David Rotman’s three-part article series in the MIT Technology Review asks important questions about the effects of software and automation on the economy. Do you think that today’s rapid advances in artificial intelligence and automation foreshadow a future in which robots and software greatly reduce the need for human workers? Are we facing a future with increased disparity and inequality due to the commercialization of technological innovation? Will the rewards of new technologies go largely to the very richest, as has been the trend in recent decades?
Part I (June 12, 2013): How Technology Is Destroying Jobs
Part II (Oct 14, 2014): Technology and Inequality
Part III (June 16, 2015): Who Will Own the Robots?
How do you respond to Robert Solow’s claim that, “any decent person should find having extreme poverty coexisting in the same society with extreme wealth immoral” in regards to the increasing gap between the super wealthy and everyone else in our world?

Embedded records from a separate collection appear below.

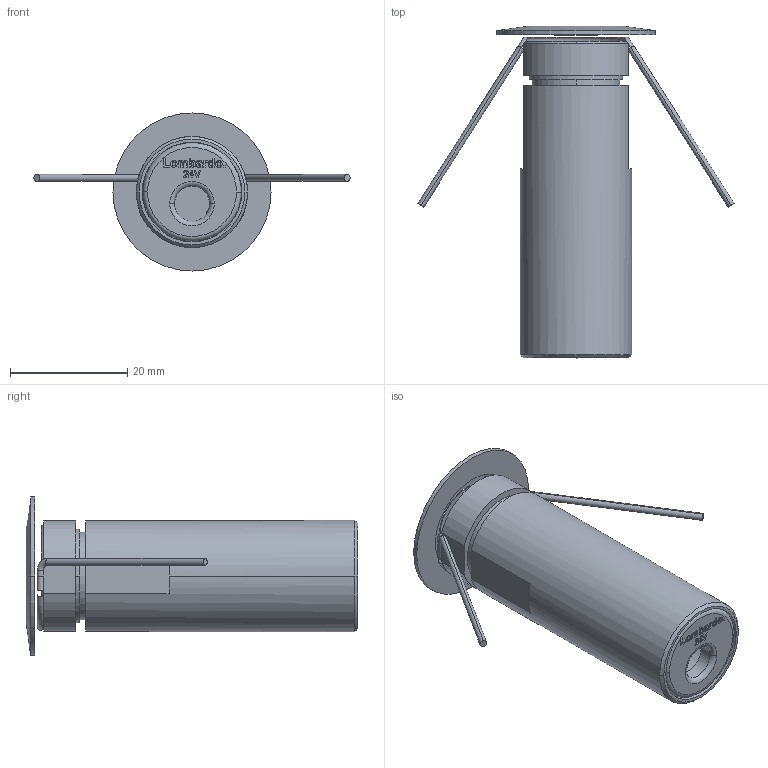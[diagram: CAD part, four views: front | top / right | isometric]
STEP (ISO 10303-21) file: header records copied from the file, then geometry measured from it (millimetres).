
FILE_DESCRIPTION((''),'2;1');
FILE_NAME('CNC25_V2_SW0001','2025-06-24T08:56:05',('Piccioli'),(''),'CREO PARAMETRIC BY PTC INC, 2025010','CREO PARAMETRIC BY PTC INC, 2025010','');
FILE_SCHEMA(('CONFIG_CONTROL_DESIGN'));
Length unit declared in the file: millimetre
Products named in the file (1): CNC25_V2_SW0001
Bounding box: 54 x 56.65 x 27 mm (x, y, z)
Surface area: 7032.1 mm2 (no closed solid volume)
Topology: 0 solids, 33 shells, 80 faces, 578 edges, 532 vertices
Faces by surface type: plane 39, cylinder 26, torus 9, cone 6
Entity records: 6301 total; most frequent: CARTESIAN_POINT 2553, ORIENTED_EDGE 668, EDGE_CURVE 578, DIRECTION 576, VERTEX_POINT 532, B_SPLINE_CURVE_WITH_KNOTS 276, AXIS2_PLACEMENT_3D 194, VECTOR 188
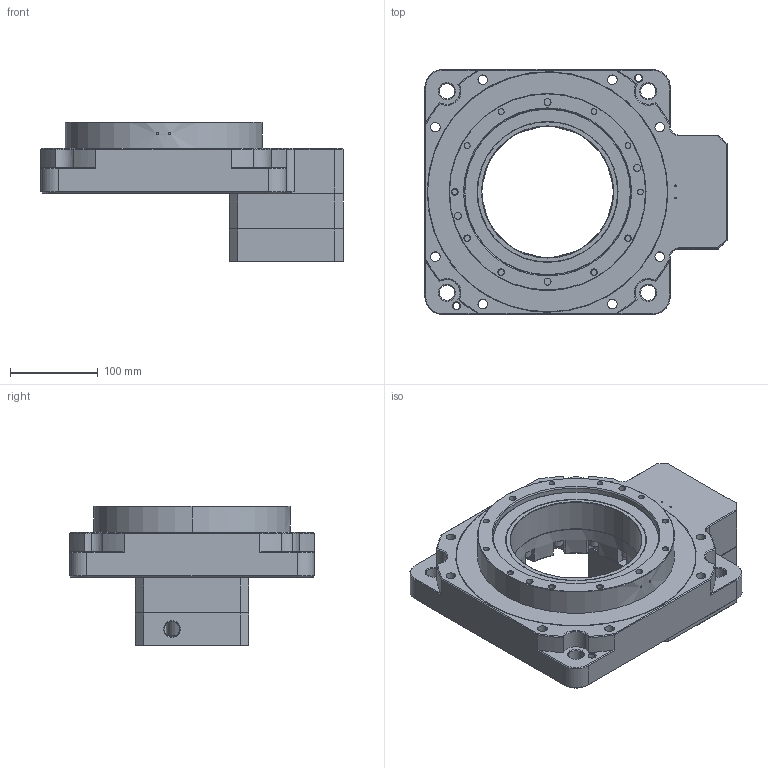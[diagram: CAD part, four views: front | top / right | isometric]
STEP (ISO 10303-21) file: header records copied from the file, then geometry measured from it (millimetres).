
FILE_DESCRIPTION (( 'STEP AP203' ), '1' );
FILE_NAME ('NT280-10-24-ds.STEP', '2021-08-06T06:50:51', ( 'Windows User' ), ( 'P R C' ), 'SwSTEP 2.0', 'SolidWorks 2016', '' );
FILE_SCHEMA (( 'CONFIG_CONTROL_DESIGN' ));
Products named in the file (1): NT280-10-24-ds
Bounding box: 345 x 280 x 159.5 mm (x, y, z)
Volume: 4401834.6 mm3; surface area: 654867.2 mm2
Topology: 1 solids, 67 shells, 2488 faces, 6109 edges, 3828 vertices
Faces by surface type: plane 1211, cylinder 566, cone 540, bspline 126, torus 43, sphere 2
Entity records: 80959 total; most frequent: CARTESIAN_POINT 22202, DIRECTION 12347, ORIENTED_EDGE 12046, EDGE_CURVE 6023, AXIS2_PLACEMENT_3D 4577, VERTEX_POINT 3828, LINE 3193, VECTOR 3193
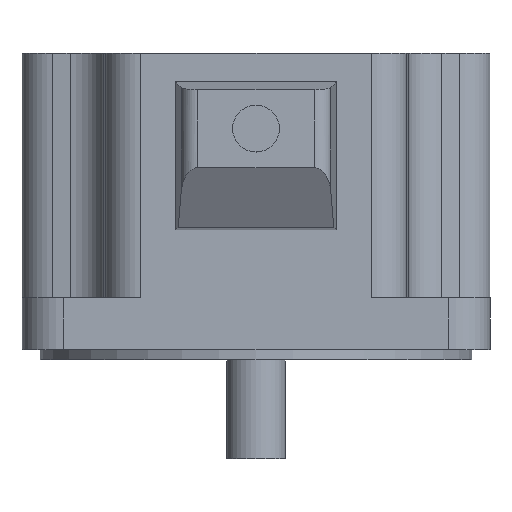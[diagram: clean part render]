
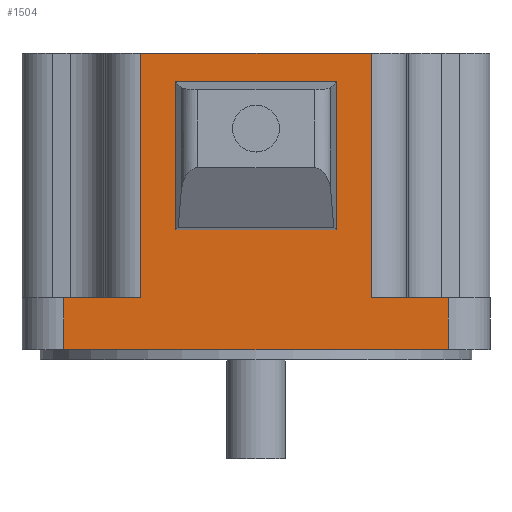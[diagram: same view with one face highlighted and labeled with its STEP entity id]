
A CAD part, front view. The second image highlights one B-rep face of the part: STEP entity #1504.
In plain terms, the highlighted planar face has unit normal (0, -1, 0).
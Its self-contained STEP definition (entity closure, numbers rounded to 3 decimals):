
#12 = EDGE_CURVE ( 'NONE', #1889, #393, #1604, .T. ) ;
#21 = EDGE_CURVE ( 'NONE', #989, #810, #1760, .T. ) ;
#24 = ORIENTED_EDGE ( 'NONE', *, *, #375, .F. ) ;
#38 = FACE_BOUND ( 'NONE', #1341, .T. ) ;
#46 = CARTESIAN_POINT ( 'NONE',  ( -45., -45., 57. ) ) ;
#61 = CARTESIAN_POINT ( 'NONE',  ( 22.14, -45., 57. ) ) ;
#115 = ORIENTED_EDGE ( 'NONE', *, *, #12, .F. ) ;
#134 = ORIENTED_EDGE ( 'NONE', *, *, #413, .F. ) ;
#135 = EDGE_CURVE ( 'NONE', #1245, #337, #188, .T. ) ;
#188 = LINE ( 'NONE', #46, #529 ) ;
#191 = CARTESIAN_POINT ( 'NONE',  ( -22.14, -45., 10. ) ) ;
#216 = ORIENTED_EDGE ( 'NONE', *, *, #1791, .F. ) ;
#265 = DIRECTION ( 'NONE',  ( 1., 0., 0. ) ) ;
#293 = LINE ( 'NONE', #1522, #1397 ) ;
#337 = VERTEX_POINT ( 'NONE', #655 ) ;
#362 = LINE ( 'NONE', #61, #1306 ) ;
#369 = VECTOR ( 'NONE', #1805, 1000. ) ;
#375 = EDGE_CURVE ( 'NONE', #810, #1902, #417, .T. ) ;
#381 = DIRECTION ( 'NONE',  ( 0., 0., 1. ) ) ;
#393 = VERTEX_POINT ( 'NONE', #1166 ) ;
#396 = CARTESIAN_POINT ( 'NONE',  ( -45., -45., 10. ) ) ;
#399 = VECTOR ( 'NONE', #381, 1000. ) ;
#411 = DIRECTION ( 'NONE',  ( 1., 0., 0. ) ) ;
#413 = EDGE_CURVE ( 'NONE', #546, #622, #716, .T. ) ;
#417 = LINE ( 'NONE', #396, #1436 ) ;
#436 = VECTOR ( 'NONE', #1313, 1000. ) ;
#454 = VERTEX_POINT ( 'NONE', #556 ) ;
#458 = EDGE_CURVE ( 'NONE', #393, #454, #1952, .T. ) ;
#467 = LINE ( 'NONE', #1199, #369 ) ;
#472 = DIRECTION ( 'NONE',  ( 0., 0., 1. ) ) ;
#509 = FACE_OUTER_BOUND ( 'NONE', #1112, .T. ) ;
#529 = VECTOR ( 'NONE', #1388, 1000. ) ;
#546 = VERTEX_POINT ( 'NONE', #923 ) ;
#556 = CARTESIAN_POINT ( 'NONE',  ( 37., -45., 0. ) ) ;
#576 = CARTESIAN_POINT ( 'NONE',  ( 15.5, -45., 10. ) ) ;
#599 = EDGE_CURVE ( 'NONE', #1663, #1200, #467, .T. ) ;
#622 = VERTEX_POINT ( 'NONE', #1862 ) ;
#641 = ORIENTED_EDGE ( 'NONE', *, *, #458, .F. ) ;
#651 = CARTESIAN_POINT ( 'NONE',  ( -45., -45., 0. ) ) ;
#655 = CARTESIAN_POINT ( 'NONE',  ( 22.14, -45., 57. ) ) ;
#702 = EDGE_CURVE ( 'NONE', #337, #1889, #362, .T. ) ;
#716 = LINE ( 'NONE', #576, #1631 ) ;
#717 = CARTESIAN_POINT ( 'NONE',  ( -37., -45., 10. ) ) ;
#729 = VECTOR ( 'NONE', #968, 1000. ) ;
#737 = ORIENTED_EDGE ( 'NONE', *, *, #1571, .F. ) ;
#810 = VERTEX_POINT ( 'NONE', #873 ) ;
#817 = CARTESIAN_POINT ( 'NONE',  ( -45., -45., 10. ) ) ;
#829 = ORIENTED_EDGE ( 'NONE', *, *, #21, .F. ) ;
#873 = CARTESIAN_POINT ( 'NONE',  ( -37., -45., 10. ) ) ;
#886 = DIRECTION ( 'NONE',  ( 0., 0., 1. ) ) ;
#923 = CARTESIAN_POINT ( 'NONE',  ( 15.5, -45., 23. ) ) ;
#931 = CARTESIAN_POINT ( 'NONE',  ( 22.14, -45., 10. ) ) ;
#968 = DIRECTION ( 'NONE',  ( 0., 0., 1. ) ) ;
#989 = VERTEX_POINT ( 'NONE', #1712 ) ;
#1016 = EDGE_CURVE ( 'NONE', #454, #989, #1880, .T. ) ;
#1057 = ORIENTED_EDGE ( 'NONE', *, *, #135, .F. ) ;
#1094 = ORIENTED_EDGE ( 'NONE', *, *, #1148, .F. ) ;
#1112 = EDGE_LOOP ( 'NONE', ( #737, #24, #829, #1362, #641, #115, #1210, #1057 ) ) ;
#1127 = CARTESIAN_POINT ( 'NONE',  ( -22.14, -45., 10. ) ) ;
#1148 = EDGE_CURVE ( 'NONE', #1200, #546, #1456, .T. ) ;
#1153 = CARTESIAN_POINT ( 'NONE',  ( -22.14, -45., 57. ) ) ;
#1166 = CARTESIAN_POINT ( 'NONE',  ( 37., -45., 10. ) ) ;
#1199 = CARTESIAN_POINT ( 'NONE',  ( -15.5, -45., 10. ) ) ;
#1200 = VERTEX_POINT ( 'NONE', #1908 ) ;
#1210 = ORIENTED_EDGE ( 'NONE', *, *, #702, .F. ) ;
#1240 = VECTOR ( 'NONE', #1907, 1000. ) ;
#1245 = VERTEX_POINT ( 'NONE', #1153 ) ;
#1273 = DIRECTION ( 'NONE',  ( 0., 1., 0. ) ) ;
#1300 = CARTESIAN_POINT ( 'NONE',  ( -45., -45., 10. ) ) ;
#1306 = VECTOR ( 'NONE', #1410, 1000. ) ;
#1313 = DIRECTION ( 'NONE',  ( 0., 0., -1. ) ) ;
#1341 = EDGE_LOOP ( 'NONE', ( #134, #1094, #1732, #216 ) ) ;
#1362 = ORIENTED_EDGE ( 'NONE', *, *, #1016, .F. ) ;
#1388 = DIRECTION ( 'NONE',  ( 1., 0., 0. ) ) ;
#1392 = PLANE ( 'NONE',  #1443 ) ;
#1397 = VECTOR ( 'NONE', #1545, 1000. ) ;
#1410 = DIRECTION ( 'NONE',  ( 0., 0., -1. ) ) ;
#1436 = VECTOR ( 'NONE', #265, 1000. ) ;
#1443 = AXIS2_PLACEMENT_3D ( 'NONE', #817, #1273, #472 ) ;
#1456 = LINE ( 'NONE', #1924, #1925 ) ;
#1466 = CARTESIAN_POINT ( 'NONE',  ( 37., -45., 10. ) ) ;
#1504 = ADVANCED_FACE ( 'NONE', ( #38, #509 ), #1392, .F. ) ;
#1522 = CARTESIAN_POINT ( 'NONE',  ( -45., -45., 51.5 ) ) ;
#1545 = DIRECTION ( 'NONE',  ( -1., 0., 0. ) ) ;
#1561 = LINE ( 'NONE', #191, #729 ) ;
#1571 = EDGE_CURVE ( 'NONE', #1902, #1245, #1561, .T. ) ;
#1604 = LINE ( 'NONE', #1300, #1240 ) ;
#1631 = VECTOR ( 'NONE', #886, 1000. ) ;
#1663 = VERTEX_POINT ( 'NONE', #1834 ) ;
#1702 = DIRECTION ( 'NONE',  ( -1., 0., 0. ) ) ;
#1712 = CARTESIAN_POINT ( 'NONE',  ( -37., -45., 0. ) ) ;
#1732 = ORIENTED_EDGE ( 'NONE', *, *, #599, .F. ) ;
#1760 = LINE ( 'NONE', #717, #399 ) ;
#1791 = EDGE_CURVE ( 'NONE', #622, #1663, #293, .T. ) ;
#1805 = DIRECTION ( 'NONE',  ( 0., 0., -1. ) ) ;
#1834 = CARTESIAN_POINT ( 'NONE',  ( -15.5, -45., 51.5 ) ) ;
#1862 = CARTESIAN_POINT ( 'NONE',  ( 15.5, -45., 51.5 ) ) ;
#1880 = LINE ( 'NONE', #651, #1914 ) ;
#1889 = VERTEX_POINT ( 'NONE', #931 ) ;
#1902 = VERTEX_POINT ( 'NONE', #1127 ) ;
#1907 = DIRECTION ( 'NONE',  ( 1., 0., 0. ) ) ;
#1908 = CARTESIAN_POINT ( 'NONE',  ( -15.5, -45., 23. ) ) ;
#1914 = VECTOR ( 'NONE', #1702, 1000. ) ;
#1924 = CARTESIAN_POINT ( 'NONE',  ( -45., -45., 23. ) ) ;
#1925 = VECTOR ( 'NONE', #411, 1000. ) ;
#1952 = LINE ( 'NONE', #1466, #436 ) ;

For example, the 2014 Global Wealth Report informs: “a person needs only USD 3,650 to be among the wealthiest half of world citizens. However, more than USD 77,000 is required to be a member of the top 10% of global wealth holders, and USD 798,000 to belong to the top 1%. Taken together, the bottom half of the global population own less than 1% of total wealth. In sharp contrast, the richest decile hold 87% of the world’s wealth, and the top percentile alone account for 48.2% of global assets.”
We need to do better at intelligently managing and sharing our world’s resources. How does income inequality effect economic opportunity and innovation in our world? How do we share the wealth that technology creates? How do we create a technological world without greed? How do we work towards a prosperous technological future with human flourishing for all?